Ten different runs are performed, each using a different seed, to generate the
random numbers. Each time GPkernel is run for 15 minutes. Fig. 5 shows the average
root mean square error (RMSE) of each generation in the GSR runs. It should be
noted that the average RMSE, for all 10 runs, decreases rapidly as the generation
progresses and reached values near to zero for most of the runs. As a result, exact
formulae (up to 3 significant figures) are produced from each run.
The above simple example illustrates the capability of GP, or GSR technique
to infer the correct functional relationship when there are no errors in the raw data.

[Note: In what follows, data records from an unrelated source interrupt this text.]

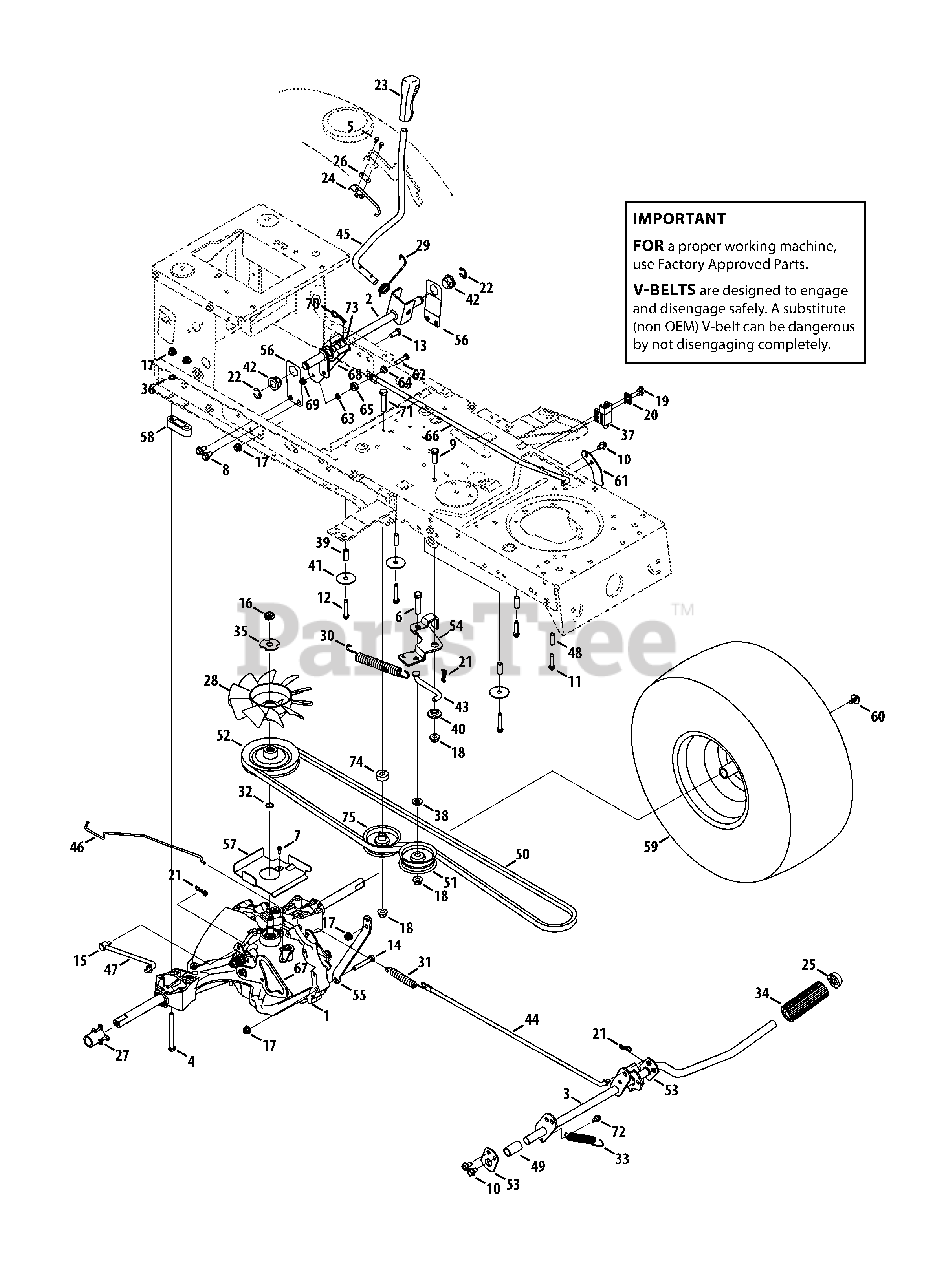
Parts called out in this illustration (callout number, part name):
1	Hydro Transmission
2	Hydro Handle Control Assembly
3	Hydro Pedal Assembly
4	Hex Screw, 5/16-18 x 3.5
5	Screw, #8-18:0.500
6	Hex Screw, 3/8-16:1.75
7	Screw, #10-16:0.500
8	Screw, 5/16-18:.750
9	Hex Screw, 3/8-16:1.00
10	Screw, 5/16-18:0.625
11	Screw, 1/4-20:1.250
12	Screw, 1/4-20 x 1.75
13	Hex Screw, 5/16-18:.75
14	Screw, 5/16-18 x 2.00
15	Ferrule, 5/16-24 X .312 DIA.
16	Jamlock Nut, 1/2-20
17	Flangelock Nut, 5/16-18
18	Flangelock Nut, 3/8-16
20	Plate Switch
21	Cotter Pin, Bow Tie
22	E Rign, .625 DIA
23	Handle Grip
24	Hydro Spring Switch
25	Push Cap, 5/8
26	Insulator Plate Nut
27	Sleeve, .765 ID X 2.11 LG
29	Torsion Spring
30	Extension Spring, .75 DIA. X 6.02
31	Extension Spring, .59 OD X 4.00 LG
32	Wire Ring
33	Extension Spring, .63 DIA X 4.95 LG
34	Foot Pad, 4.0
35	Lock Washer, TRANS HYDRO
36	Lock Washer, 5/16 EXT TOOTH
37	Switch Interlock
38	Flat Washer, .407X.812X.135:HT
39	Spacer, .260 x .372 x 1.420
40	Shldr Spacer, 1.375 ID X .380 x 1.54
41	Flat Washer, .350 x 1.59 x .062
42	Hex Flange Bearing
43	Declutching Rod
44	Brake Rod
45	Hydro Control Handle
46	Hydro Bypass Rod
47	Hydro Control Rod
48	Spacer, .260 x .375 x 1.030 LG
49	Spacer, .640 ID X .76 OD X 1.60
50	V Belt, 4L SEC X 84.17
51	Flat Idler Pulley 2.75 OD
52	Input Pulley
53	Support Pedal Bracket
55	Torque Bracket
56	Handle Bracket
57	Belt Support Bracket
58	Spacer, T-Axle
59	Wheel, 20 x 8 x 8 - Grey
60	Screw, 5/16-24 x .750
62	Hex Screw, 1/4-20 x 1.25
63	Flat Washer, .281 x .500 x .063
64	Shoulder Spacer, .375 x .625 x .20
65	Ball Bearing, .25 x .6875 x .25
66	Hydro Rod, RTN
67	Cam Bracket, RTN
68	Pivot Bracket, RTN
69	Nut, Flange Lock, 1/4-20, GrF
70	Click Pin, .092 x 1.64 LG
71	Hex Screw, 3/8-16 x 2.00
72	Shoulder Screw, 1/4-20 x 0.50
73	Hex Flange Bearing, .628 ID
74	Spacer, .406 ID x 1.00 OD x .38
75	V Pulley 3.06 OD
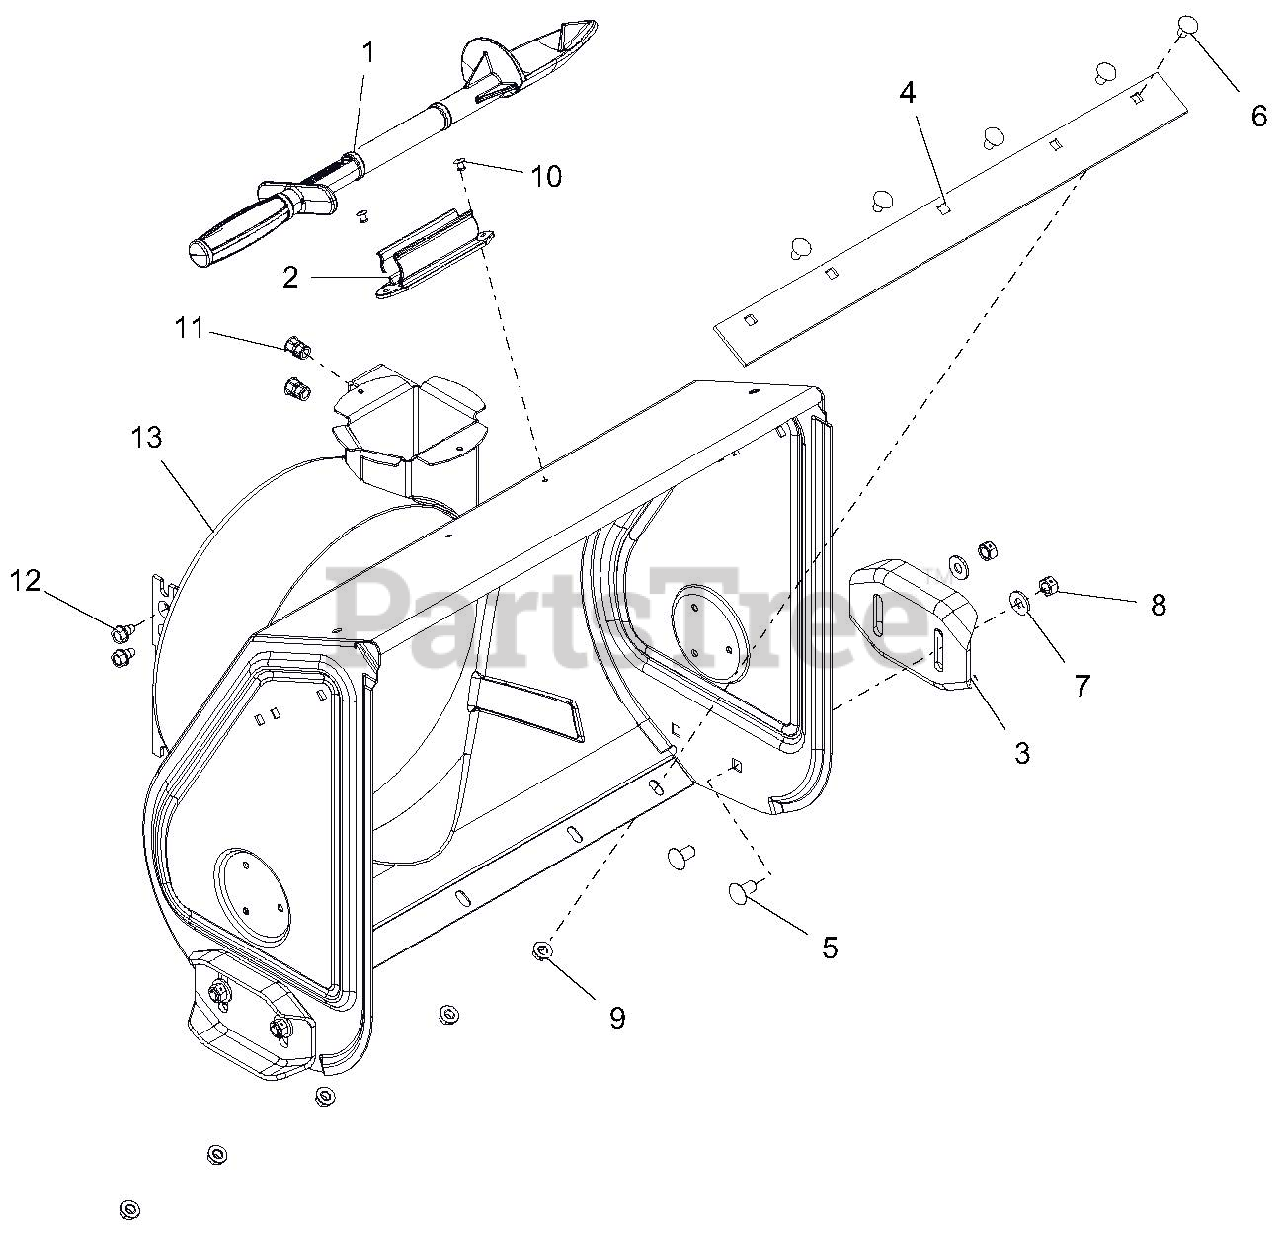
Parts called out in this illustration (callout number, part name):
1	DEVICE, SNOW CLEAN OUT
2	MOUNT, SNOW CLEAN OUT
3	SKID SHOE, REVERSIBLE - ORANGE
4	SCRAPER BLADE, 22" COMPACT
5	@BLT-RHDSSQNK .38-16X.75 G5YZ
6	BLT,RDSHHDSQSHNK .31-18X.62 YZ
7	@WSHR-FL-STL.38X.875X.083 YWZC
8	@NUT-LK-CTR .38-16 YWZC
9	@NUT-LK-TOP-FLG .31-18 YWZC
10	RVT-POP .187 YZ
11	NUT, THREADED INSERT .38-16
12	@SCR-TAP .31-18X.50 HWH TR YWZ
13	BLOWER HOUSING, 22" HI ORANGE

The next section illustrates the use of GSR as a new updating procedure combined
with rainfall runoff simulation models.
GP APPLICATION IN REAL-TIME RUNOFF FORECASTING
A forecasting system is a system that takes information on the past and current
states of meteorological conditions and those of the catchment, as inputs to it, and
forecasts the catchment’s response into the future. In real-time forecasting, however,
the originally forecast values may be updated or modified as measured data become
available and, thus, prediction errors can be determined and used for forecasting. In
real-time runoff forecasting with rainfall runoff simulation models, rainfall time series
up to the desired runoff forecast horizon must be available. The required rainfall time
series within the runoff forecast horizon may be estimated with, for example, a non-
linear prediction method. In this study, the measured rainfall time series, at any runoff
forecast horizon, is made available to evaluate the performance of the proposed GSR
based error updating scheme.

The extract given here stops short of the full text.